What you need to do: In the material below, which lines hold the word "STRAP"? Pick each one out.

Data under study:
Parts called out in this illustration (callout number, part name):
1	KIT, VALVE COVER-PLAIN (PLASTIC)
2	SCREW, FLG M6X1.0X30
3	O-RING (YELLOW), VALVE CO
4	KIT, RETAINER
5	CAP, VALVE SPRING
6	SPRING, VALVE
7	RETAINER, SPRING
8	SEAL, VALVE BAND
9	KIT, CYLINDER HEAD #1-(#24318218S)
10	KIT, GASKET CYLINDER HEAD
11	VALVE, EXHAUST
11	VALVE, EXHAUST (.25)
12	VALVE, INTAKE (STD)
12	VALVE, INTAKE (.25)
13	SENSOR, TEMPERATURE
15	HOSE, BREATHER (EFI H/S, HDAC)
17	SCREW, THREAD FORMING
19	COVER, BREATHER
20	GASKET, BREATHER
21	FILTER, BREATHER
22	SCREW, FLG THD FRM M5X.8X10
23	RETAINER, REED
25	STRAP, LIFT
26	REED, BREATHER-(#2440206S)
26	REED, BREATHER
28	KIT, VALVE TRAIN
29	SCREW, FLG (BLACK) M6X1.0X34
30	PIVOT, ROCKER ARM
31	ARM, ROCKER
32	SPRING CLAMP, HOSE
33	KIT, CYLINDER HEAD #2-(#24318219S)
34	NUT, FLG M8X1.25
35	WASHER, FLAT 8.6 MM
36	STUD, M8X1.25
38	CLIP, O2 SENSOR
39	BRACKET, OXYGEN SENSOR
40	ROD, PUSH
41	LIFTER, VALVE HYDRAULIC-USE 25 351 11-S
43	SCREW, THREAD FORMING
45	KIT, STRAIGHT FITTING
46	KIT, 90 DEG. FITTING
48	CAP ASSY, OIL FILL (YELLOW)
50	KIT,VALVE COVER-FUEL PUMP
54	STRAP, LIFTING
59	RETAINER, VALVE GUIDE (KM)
---
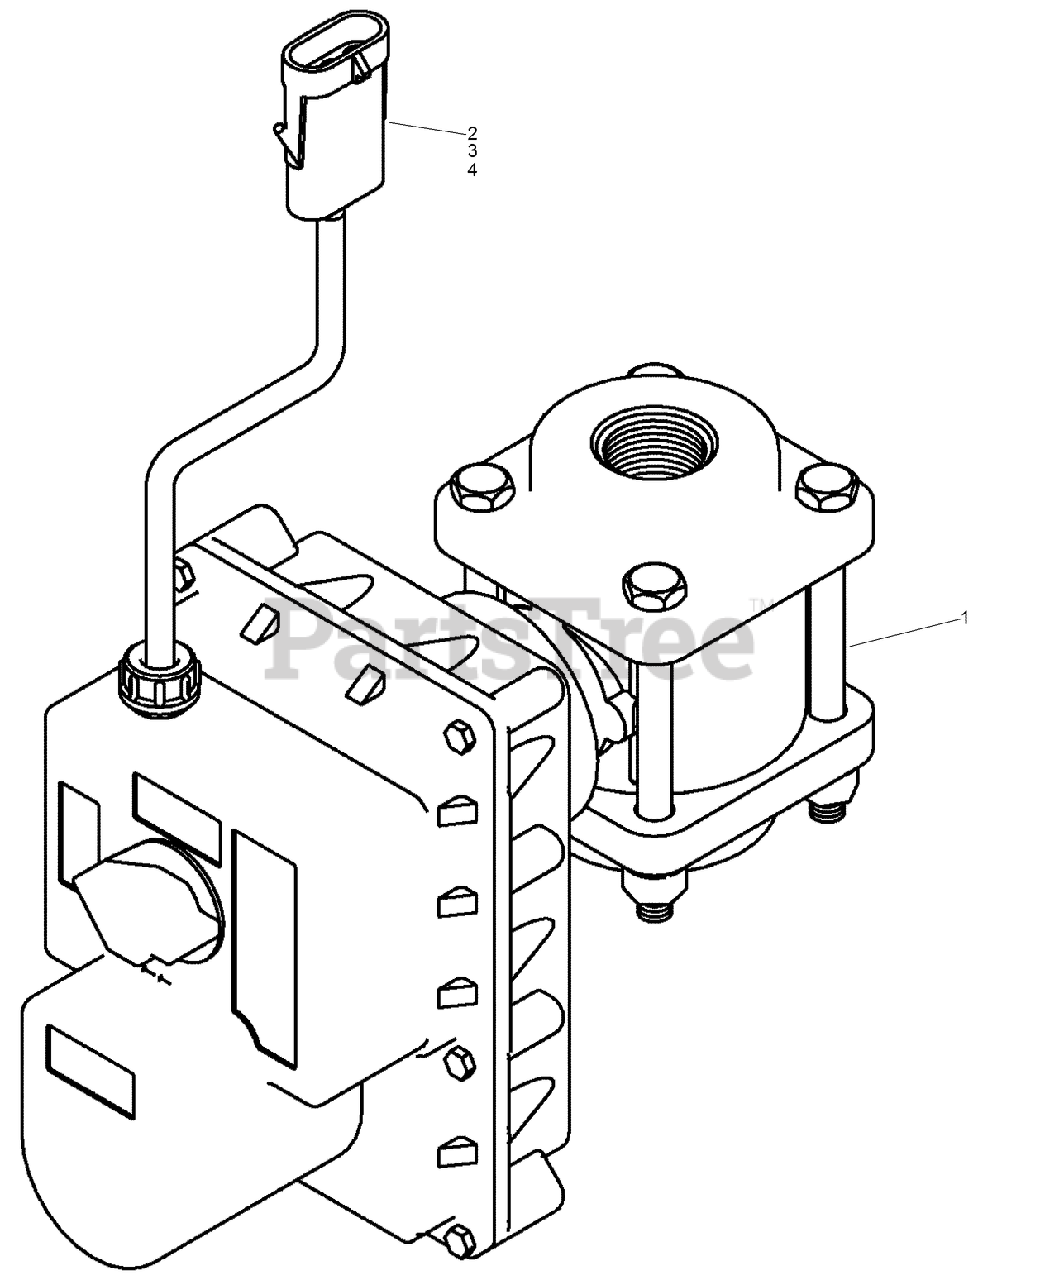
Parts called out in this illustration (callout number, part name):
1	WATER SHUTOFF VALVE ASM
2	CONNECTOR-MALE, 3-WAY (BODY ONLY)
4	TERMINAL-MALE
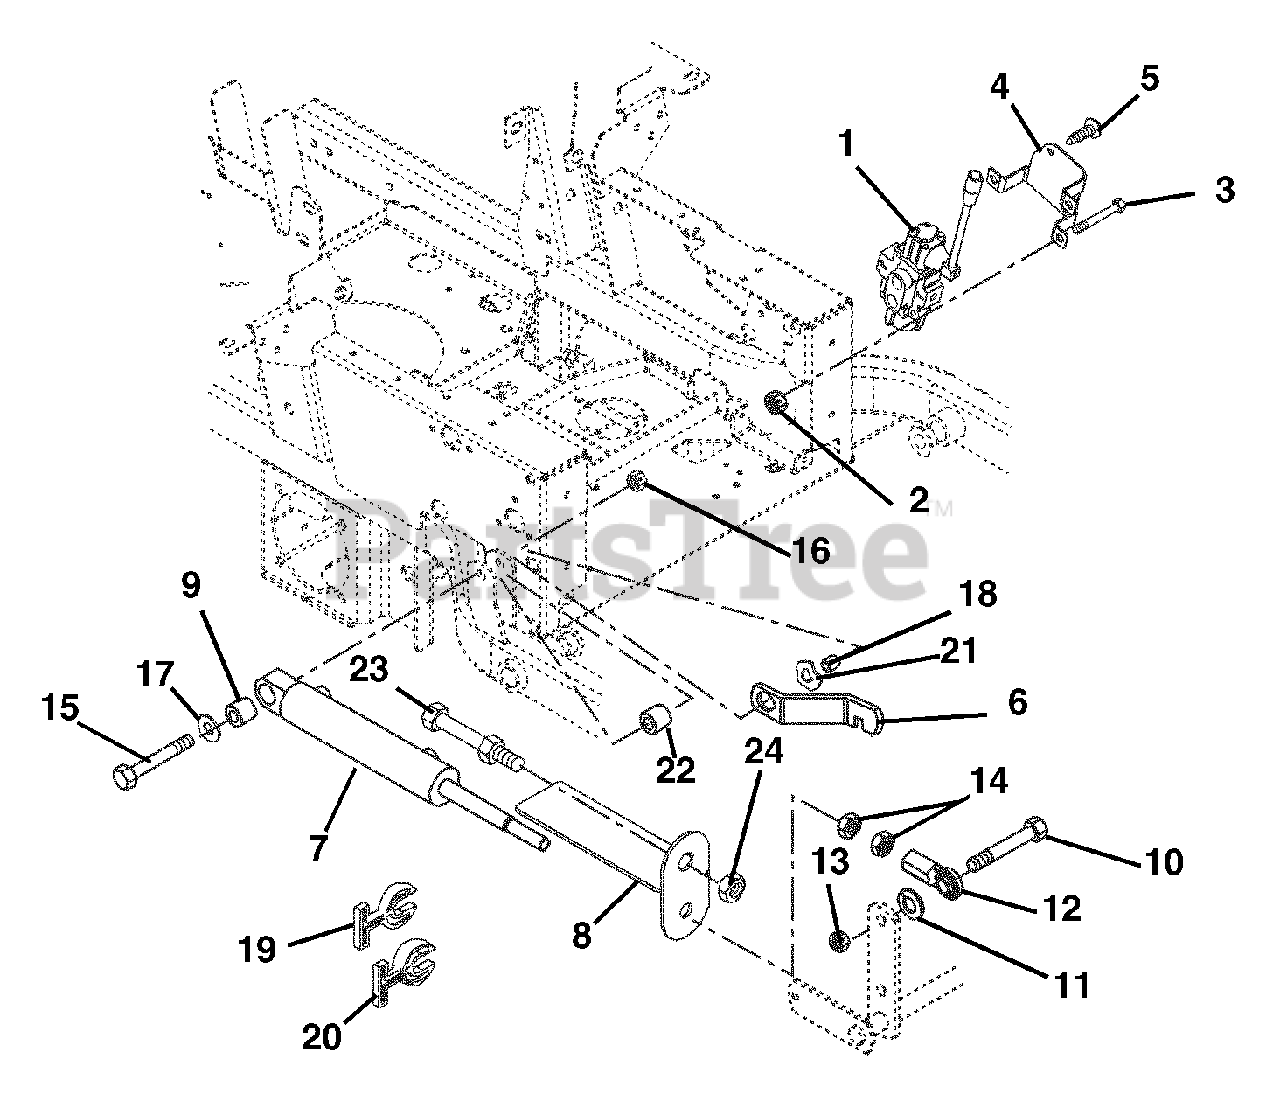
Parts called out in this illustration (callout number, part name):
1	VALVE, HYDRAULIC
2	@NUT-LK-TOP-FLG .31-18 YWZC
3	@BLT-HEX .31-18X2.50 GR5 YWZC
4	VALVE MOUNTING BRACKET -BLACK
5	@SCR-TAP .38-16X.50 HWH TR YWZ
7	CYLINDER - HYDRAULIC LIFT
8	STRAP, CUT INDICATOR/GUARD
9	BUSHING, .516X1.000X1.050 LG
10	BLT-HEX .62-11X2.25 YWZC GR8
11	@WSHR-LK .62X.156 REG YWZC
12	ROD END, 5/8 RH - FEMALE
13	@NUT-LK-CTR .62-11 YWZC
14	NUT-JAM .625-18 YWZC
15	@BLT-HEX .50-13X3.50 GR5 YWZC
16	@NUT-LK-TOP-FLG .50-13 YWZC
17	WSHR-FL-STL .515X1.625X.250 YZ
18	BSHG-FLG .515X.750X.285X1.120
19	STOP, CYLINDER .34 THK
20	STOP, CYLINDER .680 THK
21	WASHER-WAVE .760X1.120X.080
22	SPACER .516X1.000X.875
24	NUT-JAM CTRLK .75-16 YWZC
==
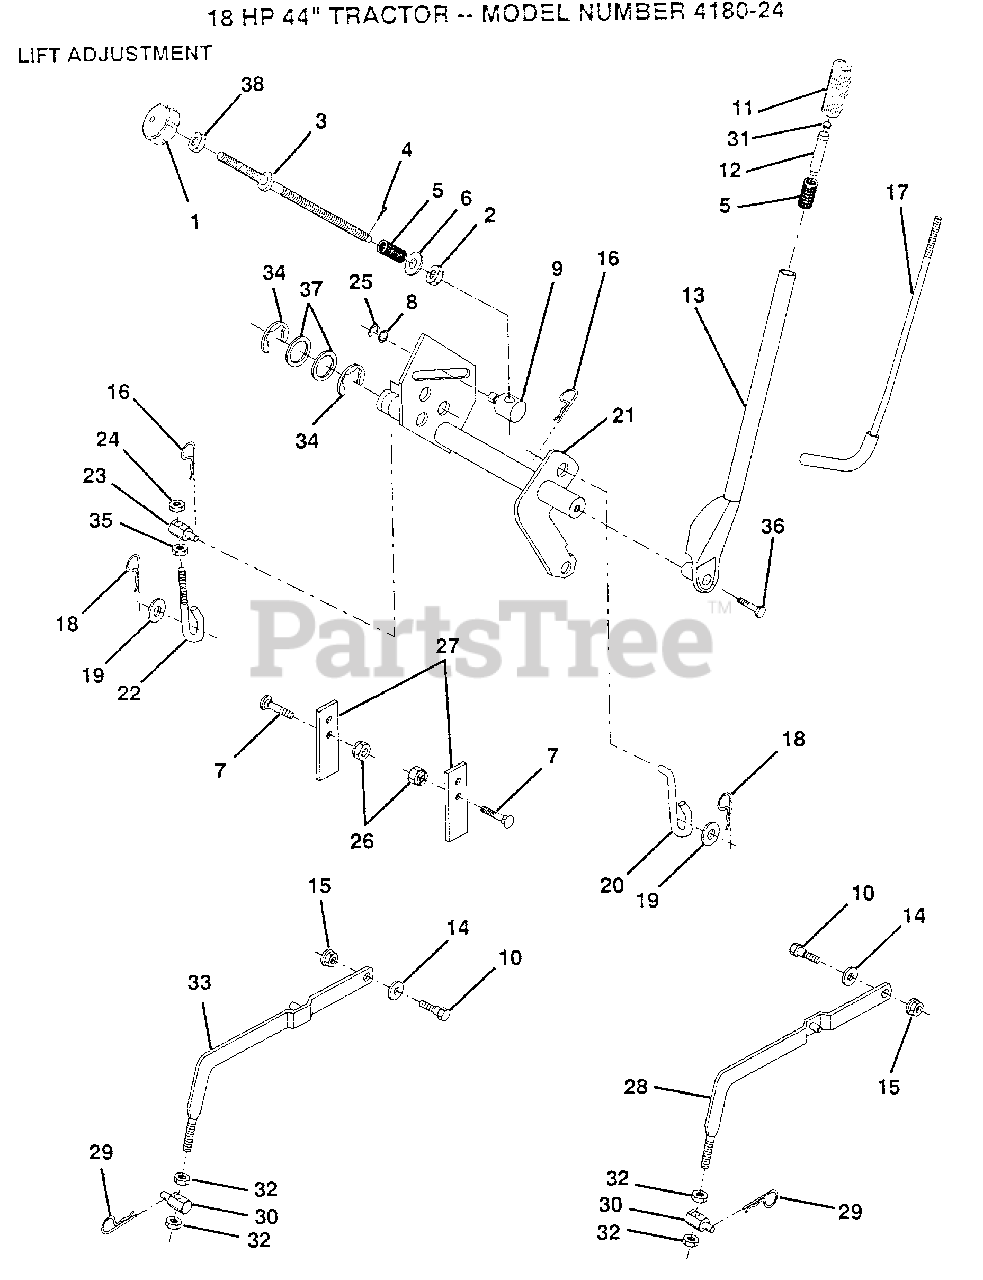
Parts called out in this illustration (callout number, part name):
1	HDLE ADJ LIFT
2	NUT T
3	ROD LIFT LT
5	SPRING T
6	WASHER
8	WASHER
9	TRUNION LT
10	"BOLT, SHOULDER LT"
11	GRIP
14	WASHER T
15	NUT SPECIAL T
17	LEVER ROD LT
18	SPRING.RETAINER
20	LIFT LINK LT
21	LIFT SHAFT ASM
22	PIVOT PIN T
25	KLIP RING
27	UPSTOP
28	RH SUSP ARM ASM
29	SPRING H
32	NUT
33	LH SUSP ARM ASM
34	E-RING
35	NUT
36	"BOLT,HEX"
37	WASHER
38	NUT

Solution to this exercise:
25	STRAP, LIFT
54	STRAP, LIFTING
8	STRAP, CUT INDICATOR/GUARD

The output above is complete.